Kementerian Energi dan Sumber Daya Mineral (ESDM) menetapkan tarif listrik PT PLN (Persero) yang berlaku pada Juni 2026. (Foto: Okezone.com)

JAKARTA – Kementerian Energi dan Sumber Daya Mineral (ESDM) menetapkan tarif listrik PT PLN (Persero) yang berlaku pada Juni 2026. Tarif listrik pada triwulan II 2026 (April-Juni) dipastikan tidak mengalami kenaikan.

Pelaksana Tugas (Plt) Direktur Jenderal Ketenagalistrikan Kementerian ESDM, Tri Winarno, menjelaskan bahwa keputusan untuk tidak menaikkan tarif listrik tersebut telah melalui evaluasi menyeluruh terhadap parameter ekonomi makro sesuai ketentuan yang berlaku.

“Masyarakat tidak perlu cemas karena Pemerintah telah menetapkan tarif listrik periode triwulan II tahun 2026 tetap. Penetapan ini dilakukan untuk menjaga daya beli masyarakat. Pemerintah juga mengimbau masyarakat untuk menggunakan listrik secara efisien dan bijak sebagai bagian dari upaya bersama dalam mendukung ketahanan energi nasional,” ujar Tri di Jakarta.
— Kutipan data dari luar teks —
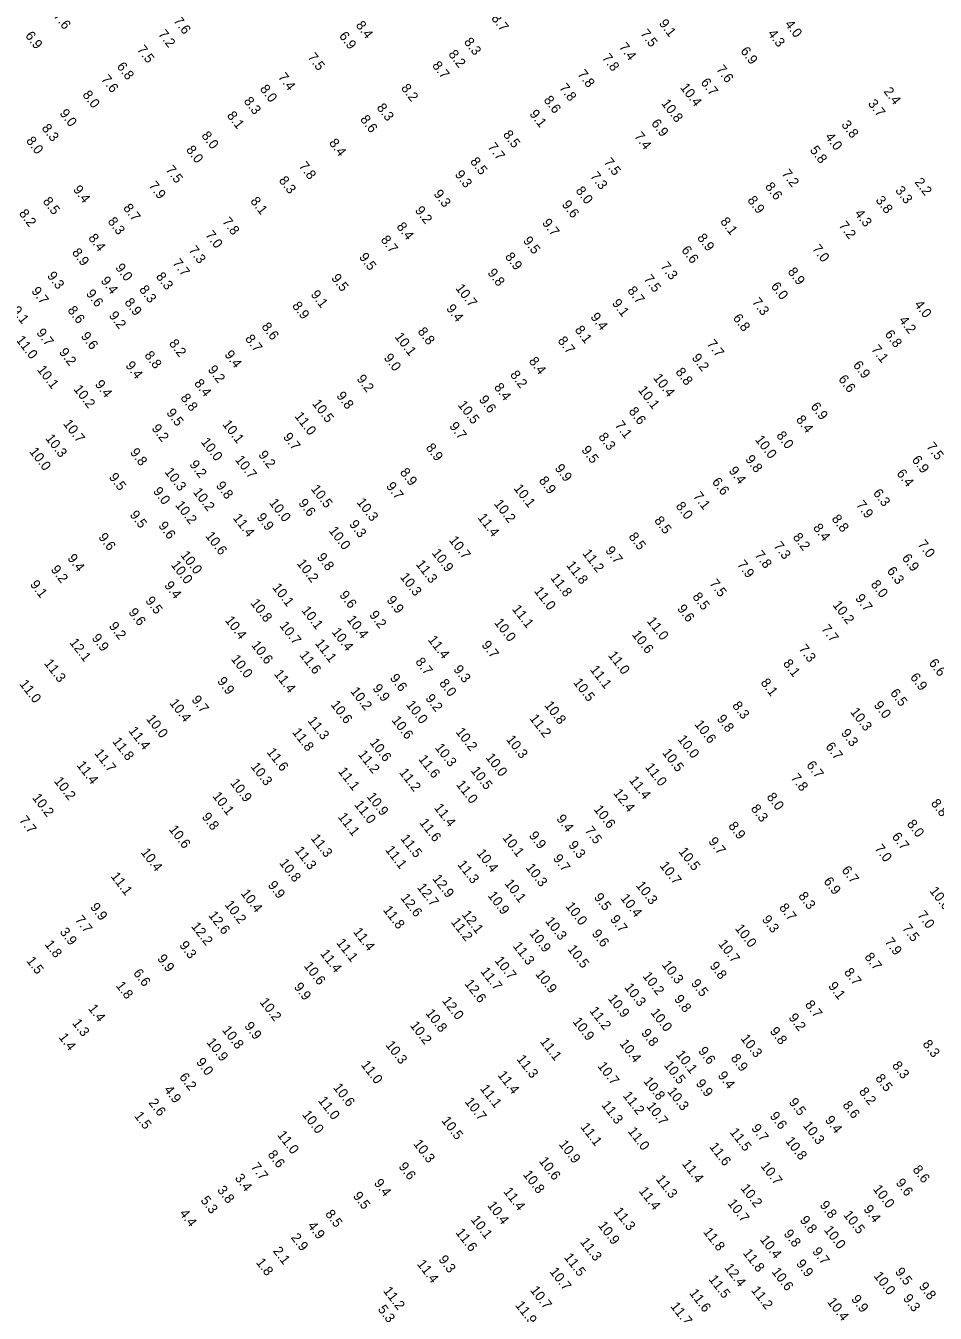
# Model space of a CAD drawing. Extents: x 815385 to 820851, y 582449 to 604245.
# Drawn here: x 819030 to 819500, y 593912 to 594576 of the extents above; entities that cross this region are included whole.
import ezdxf

# ---------------------------------------------------------------- set-up
doc = ezdxf.new("R2010")
doc.units = 0
for name, color, linetype in [('V-TOPO-SOUN-011609', 7, 'Continuous'), ('V-TOPO-SOUN-020509C', 7, 'Continuous'), ('V-TOPO-SOUN-EXCSS', 7, 'Continuous')]:
    doc.layers.add(name, color=color, linetype=linetype)

msp = doc.modelspace()

# ---------------------------------------------------------------- texts
at = {"layer": 'V-TOPO-SOUN-011609'}
for s, p in [('7.6', (819044.23, 594581.18)), ('7.6', (819106.09, 594578.69)), ('8.4', (819200.18, 594576.4)), ('8.7', (819270.11, 594580.05)), ('9.1', (819356.64, 594577.36)), ('4.0', (819421.62, 594576.93)), ('6.9', (819029.58, 594571.04)), ('7.2', (819098.19, 594571.84)), ('6.9', (819191.54, 594570.89)), ('7.5', (819347.02, 594572.06)), ('4.3', (819412.78, 594572.08)), ('7.5', (819087.29, 594563.81)), ('8.3', (819256.02, 594567.82)), ('7.4', (819336, 594565.16)), ('6.9', (819398.71, 594563.09)), ('7.5', (819175.34, 594559.93)), ('8.7', (819239.62, 594555.63)), ('8.2', (819247.99, 594561.46)), ('7.8', (819327.28, 594559.57)), ('7.6', (819068.77, 594548.54)), ('6.8', (819076.83, 594555.14)), ('7.4', (819160.09, 594549.63)), ('7.8', (819314.62, 594551.16)), ('7.6', (819386.19, 594553.64)), ('8.0', (819150.68, 594543.54)), ('8.2', (819223.51, 594543.97)), ('7.8', (819305.18, 594544.11)), ('10.4 ', (819367.6, 594544.31)), ('6.7', (819378.21, 594546.91)), ('2.4', (819472.59, 594542.28)), ('8.0', (819059.14, 594540.54)), ('8.3', (819142.38, 594537.24)), ('8.6', (819297.17, 594537.81)), ('10.8 ', (819357.87, 594536.13)), ('3.7', (819464.52, 594535.98)), ('9.0', (819047.32, 594530.95)), ('8.1', (819133.67, 594529.8)), ('8.3', (819210.97, 594533.88)), ('9.1', (819289.83, 594530.65)), ('8.3', (819038.06, 594523.3)), ('8.6', (819202.46, 594527.84)), ('6.9', (819352.66, 594525.78)), ('3.8', (819450.78, 594525.08)), ('8.0', (819030.01, 594516.78)), ('8.0', (819120.52, 594519.43)), ('8.4', (819186.36, 594515.67)), ('8.5', (819276.17, 594520.01)), ('7.4', (819343.87, 594519.09)), ('4.0', (819442.39, 594518.75)), ('8.0', (819112.57, 594512.14)), ('7.7', (819268.26, 594513.6)), ('5.8', (819434.54, 594511.97)), ('7.5', (819102.05, 594501.83)), ('7.8', (819170.79, 594503.73)), ('8.5', (819259.22, 594506.11)), ('7.5', (819328.13, 594505.75)), ('8.3', (819160.46, 594496.32)), ('9.3', (819251.32, 594499.41)), ('7.3', (819321.2, 594498.52)), ('7.2', (819420.01, 594499.83)), ('2.2', (819488.6, 594495.44)), ('7.9', (819093.26, 594493.63)), ('9.3', (819240.34, 594489.36)), ('8.0', (819313.67, 594491.01)), ('8.6', (819411.42, 594493.13)), ('3.3', (819478.6, 594491.17)), ('8.7', (819080.15, 594482.09)), ('8.1', (819145.78, 594485.64)), ('9.6', (819306.54, 594483.86)), ('8.9', (819402.31, 594486.09)), ('3.8', (819468.46, 594486.12)), ('7.8', (819131.28, 594475.06)), ('9.2', (819230.73, 594480.85)), ('4.3', (819457.66, 594479.24)), ('8.3', (819072.14, 594475.19)), ('7.0', (819122.57, 594468.2)), ('8.4', (819221.23, 594472.5)), ('9.7', (819296.36, 594474.38)), ('8.1', (819388.31, 594475.08)), ('7.2', (819449.43, 594473.04)), ('8.4', (819062.15, 594466.6)), ('8.7', (819213.03, 594465.71)), ('9.5', (819286.5, 594465.22)), ('8.9', (819376.37, 594466.71)), ('8.9', (819053.7, 594459.12)), ('7.3', (819113.9, 594460.31)), ('9.5', (819201.88, 594456.76)), ('8.9', (819277.19, 594456.95)), ('6.6', (819368.22, 594460.37)), ('7.0', (819435.72, 594461.07)), ('7.7', (819105.59, 594453.66)), ('7.3', (819357.42, 594451.97)), ('8.9', (819423.09, 594449.24)), ('9.3', (819040.88, 594447.09)), ('8.3', (819097.04, 594446.74)), ('9.5', (819187.54, 594445.93)), ('9.8', (819268.18, 594448.61)), ('7.5', (819348.81, 594445.48)), ('9.7', (819032.76, 594439.23)), ('8.3', (819088.4, 594439.99)), ('9.1', (819176.91, 594437.49)), ('10.7 ', (819251.62, 594440.72)), ('8.7', (819340.35, 594439.47)), ('6.0', (819414.44, 594441.67)), ('9.1', (819022.58, 594429.22)), ('8.9', (819080.84, 594433.39)), ('8.9', (819167.35, 594431.61)), ('9.4', (819246.87, 594430.23)), ('9.1', (819332.39, 594432.96)), ('7.3', (819404.64, 594433.54)), ('4.0', (819488.44, 594432.29)), ('9.2', (819072.76, 594426.58)), ('9.4', (819321.31, 594425.85)), ('6.8', (819394.82, 594425.27)), ('4.2', (819480.46, 594424.15)), ('9.6', (819058.31, 594415.93)), ('8.6', (819151.55, 594420.82)), ('8.8', (819232.1, 594418.37)), ('8.1', (819313.22, 594419.18)), ('6.8', (819473.17, 594416.94)), ('8.7', (819143.05, 594414.61)), ('10.1 ', (819220.26, 594415.64)), ('8.7', (819304.39, 594413.62)), ('7.7', (819381.35, 594411.98)), ('7.1', (819466.22, 594409.16)), ('9.2', (819047.04, 594407.65)), ('9.4', (819132.43, 594406.44)), ('9.0', (819214.64, 594404.78)), ('8.4', (819289.51, 594403.06)), ('9.2', (819373.59, 594404.72)), ('9.2', (819123.84, 594398.71)), ('8.2', (819279.82, 594396.03)), ('8.8', (819365.21, 594397.46)), ('6.9', (819456.82, 594401.01)), ('8.4', (819116.78, 594391.59)), ('9.2', (819200.61, 594393.91)), ('8.4', (819271.52, 594389.57)), ('10.4 ', (819353.7, 594394.43)), ('6.6', (819449.23, 594393.75)), ('8.8', (819109.72, 594384.1)), ('9.8', (819190.2, 594385.16)), ('9.6', (819263.73, 594383.2)), ('10.1 ', (819345.86, 594388.13)), ('9.5', (819102.43, 594376.39)), ('10.5 ', (819177.66, 594381.17)), ('10.5 ', (819252.85, 594380.46)), ('8.6', (819341.04, 594377.16)), ('6.9', (819434.95, 594379.63)), ('11.0 ', (819168.59, 594374.65)), ('9.7', (819248.47, 594369.47)), ('7.1', (819333.93, 594370.02)), ('8.4', (819427.37, 594372.9)), ('9.2', (819094.8, 594368.35)), ('9.7', (819162.67, 594363.91)), ('8.3', (819325.38, 594363.95)), ('8.0', (819417.26, 594364.69)), ('9.8', (819083.68, 594355.98)), ('8.9', (819236.32, 594358.4)), ('9.5', (819316.65, 594357.19)), ('10.0 ', (819406.25, 594362.56)), ('7.5', (819494.69, 594358.94)), ('10.7 ', (819137.89, 594352.17)), ('9.2', (819149.88, 594354.69)), ('9.8', (819401.21, 594352.42)), ('6.9', (819487.17, 594352.11)), ('8.9', (819222.96, 594345.66)), ('9.9', (819302.91, 594347.77)), ('9.4', (819392.7, 594346.5)), ('6.4', (819479.31, 594345.1)), ('9.8', (819128.02, 594338.8)), ('9.7', (819215.86, 594338.49)), ('10.1 ', (819281.72, 594337.4)), ('8.9', (819294.67, 594341.39)), ('6.6', (819384.05, 594340.74)), ('10.2 ', (819116.2, 594335.5)), ('10.3 ', (819200.63, 594330.24)), ('10.2 ', (819271.53, 594329.44)), ('7.1', (819374.3, 594333.35)), ('7.9', (819458.4, 594328.88)), ('6.3', (819467.14, 594334.95)), ('10.2 ', (819107.02, 594328.75)), ('8.0', (819365.28, 594328.26)), ('9.3', (819196.79, 594318.87)), ('11.4 ', (819263.09, 594322.28)), ('8.5', (819354.23, 594320.79)), ('8.4', (819436.18, 594317.03)), ('8.8', (819445.76, 594321.68)), ('10.0 ', (819186.26, 594315.55)), ('10.7 ', (819248.3, 594310.65)), ('8.5', (819341, 594312.47)), ('8.2', (819425.75, 594312.2)), ('10.9 ', (819239.46, 594304.07)), ('11.2 ', (819317.15, 594303.86)), ('9.7', (819328.98, 594305.34)), ('7.8', (819406.03, 594302.99)), ('7.3', (819415.82, 594307.67)), ('7.0', (819490.2, 594308.52)), ('10.2 ', (819169.76, 594298.68)), ('9.8', (819180.1, 594301.86)), ('11.3 ', (819231.17, 594298.28)), ('11.8 ', (819308.84, 594297.73)), ('7.9', (819396.98, 594298.08)), ('6.9', (819482.05, 594301.42)), ('10.3 ', (819223.02, 594291.68)), ('11.8 ', (819300.63, 594291.22)), ('6.3', (819474.3, 594294.76)), ('10.1 ', (819157.12, 594286.26)), ('11.0 ', (819292.21, 594284.43)), ('7.5', (819382.68, 594288.3)), ('8.0', (819465.96, 594287.86)), ('10.8 ', (819145.86, 594278.21)), ('9.9', (819216.09, 594279.74)), ('8.5', (819373.95, 594281.48)), ('10.2 ', (819446.3, 594277.21)), ('9.7', (819457.94, 594280.68)), ('10.4 ', (819195.55, 594269.68)), ('9.2', (819207.13, 594272.07)), ('11.1 ', (819280.85, 594275.12)), ('9.6', (819366.07, 594275.3)), ('10.4 ', (819187.79, 594263.28)), ('10.0 ', (819271.64, 594268.13)), ('11.0 ', (819350.43, 594268.88)), ('7.7', (819440.44, 594264.89)), ('11.1 ', (819179.14, 594257.46)), ('9.7', (819265.09, 594256.57)), ('10.6 ', (819342.71, 594261.94)), ('11.6 ', (819171.16, 594251.38)), ('11.0 ', (819330.41, 594251.23)), ('7.3', (819428.76, 594254.61)), ('9.3', (819250.6, 594243.98)), ('11.1 ', (819321.09, 594243.86)), ('8.1', (819420.68, 594247)), ('6.6', (819495.89, 594247.27)), ('8.0', (819243.25, 594236.85)), ('10.5 ', (819312.43, 594237.24)), ('8.1', (819409.12, 594237.08)), ('6.9', (819486.27, 594239.91)), ('6.5', (819475.98, 594231.79)), ('10.0 ', (819226.16, 594225.75)), ('9.2', (819236.12, 594229.05)), ('10.8 ', (819297.55, 594225.47)), ('8.3', (819394.47, 594225.24)), ('9.0', (819467.54, 594225.48)), ('10.6 ', (819218.67, 594217.76)), ('11.2 ', (819289.87, 594218.69)), ('9.8', (819386.52, 594218.45)), ('10.3 ', (819455.42, 594222.03)), ('10.6 ', (819375.01, 594215.63)), ('9.3', (819450.62, 594211.08)), ('10.6 ', (819207.38, 594206.24)), ('10.3 ', (819277.8, 594207.82)), ('10.0 ', (819366.28, 594207.93)), ('6.7', (819442.62, 594204.15)), ('11.2 ', (819201.35, 594200.12)), ('10.0 ', (819267.22, 594198.53)), ('10.5 ', (819358.35, 594200.97)), ('10.5 ', (819259.57, 594191.73)), ('11.0 ', (819349.54, 594193.52)), ('6.7', (819432.75, 594194.56)), ('11.0 ', (819251.98, 594184.57)), ('11.4 ', (819341.26, 594186.76)), ('7.8', (819424.7, 594188.01)), ('12.4 ', (819333.06, 594180.15)), ('8.0', (819412.25, 594178.14)), ('11.4 ', (819240.61, 594172.55)), ('10.6 ', (819323.02, 594171.76)), ('8.3', (819404.05, 594172.11)), ('8.8', (819497.02, 594174.89)), ('11.6 ', (819233.05, 594164.85)), ('8.9', (819392.44, 594163.19)), ('8.0', (819484.61, 594164.23)), ('7.5', (819318.37, 594160.78)), ('6.7', (819476.84, 594157.64)), ('9.3', (819309.91, 594153.29)), ('9.7', (819382.18, 594155.2)), ('7.0', (819467.94, 594151.51)), ('9.7', (819301.98, 594146.41)), ('10.5 ', (819366.79, 594149.94)), ('10.3 ', (819287.91, 594141.68)), ('10.7 ', (819357.05, 594142.69)), ('6.7', (819450.93, 594140.33)), ('10.1 ', (819276.97, 594133.52)), ('10.3 ', (819344.77, 594132.47)), ('6.9', (819441.63, 594134.62)), ('10.9 ', (819268.29, 594127.27)), ('10.4 ', (819336.76, 594125.93)), ('8.3', (819428.56, 594126.96)), ('10.0 ', (819496.31, 594129.64)), ('8.7', (819418.65, 594121.02)), ('7.0', (819490.01, 594117.15)), ('9.7', (819331.46, 594115.02)), ('10.0 ', (819395.89, 594110.31)), ('9.3', (819409.79, 594114.9)), ('7.5', (819482.18, 594110.37)), ('9.6', (819322.01, 594107.59)), ('7.9', (819473.13, 594103.38)), ('10.5 ', (819309.46, 594099.63)), ('10.7 ', (819387.24, 594102.29)), ('9.8', (819382.81, 594090.92)), ('8.7', (819462.74, 594095.55)), ('10.9 ', (819292.89, 594086.73)), ('8.7', (819452.21, 594087.67)), ('9.5', (819373.21, 594081.96)), ('9.1', (819444, 594080.53)), ('9.8', (819364.48, 594073.83)), ('8.7', (819432.02, 594070.98)), ('10.0 ', (819352.3, 594066.87)), ('9.2', (819423.55, 594064.25)), ('9.8', (819413.88, 594057.23)), ('10.4 ', (819336.31, 594050.9)), ('9.8', (819347.51, 594056.29)), ('10.3 ', (819398.81, 594053.49)), ('8.3', (819492.72, 594050.59)), ('10.7 ', (819324.96, 594039.26)), ('8.9', (819393.73, 594043.34)), ('8.3', (819476.98, 594039.55)), ('9.9', (819375.68, 594030.28)), ('9.4', (819386.99, 594034.38)), ('8.5', (819468.33, 594032.96)), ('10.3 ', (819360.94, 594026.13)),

Penyesuaian tarif listrik bagi pelanggan nonsubsidi mengacu pada Peraturan Menteri ESDM Nomor 7 Tahun 2024, dengan evaluasi berkala setiap tiga bulan berdasarkan perubahan kurs, Indonesian Crude Price (ICP), inflasi, dan harga batu bara acuan (HBA).

Untuk triwulan II 2026, parameter yang digunakan merupakan realisasi periode November 2025 hingga Januari 2026, yakni kurs Rp16.743,46 per dolar AS, ICP USD62,78 per barel, inflasi 0,22 persen, serta HBA USD70 per ton.

Meskipun secara formula terdapat potensi perubahan tarif, Pemerintah memutuskan untuk mempertahankan tarif listrik guna menjaga stabilitas ekonomi nasional di tengah dinamika global. Kebijakan ini juga berlaku bagi pelanggan bersubsidi yang tetap mendapatkan tarif tanpa perubahan.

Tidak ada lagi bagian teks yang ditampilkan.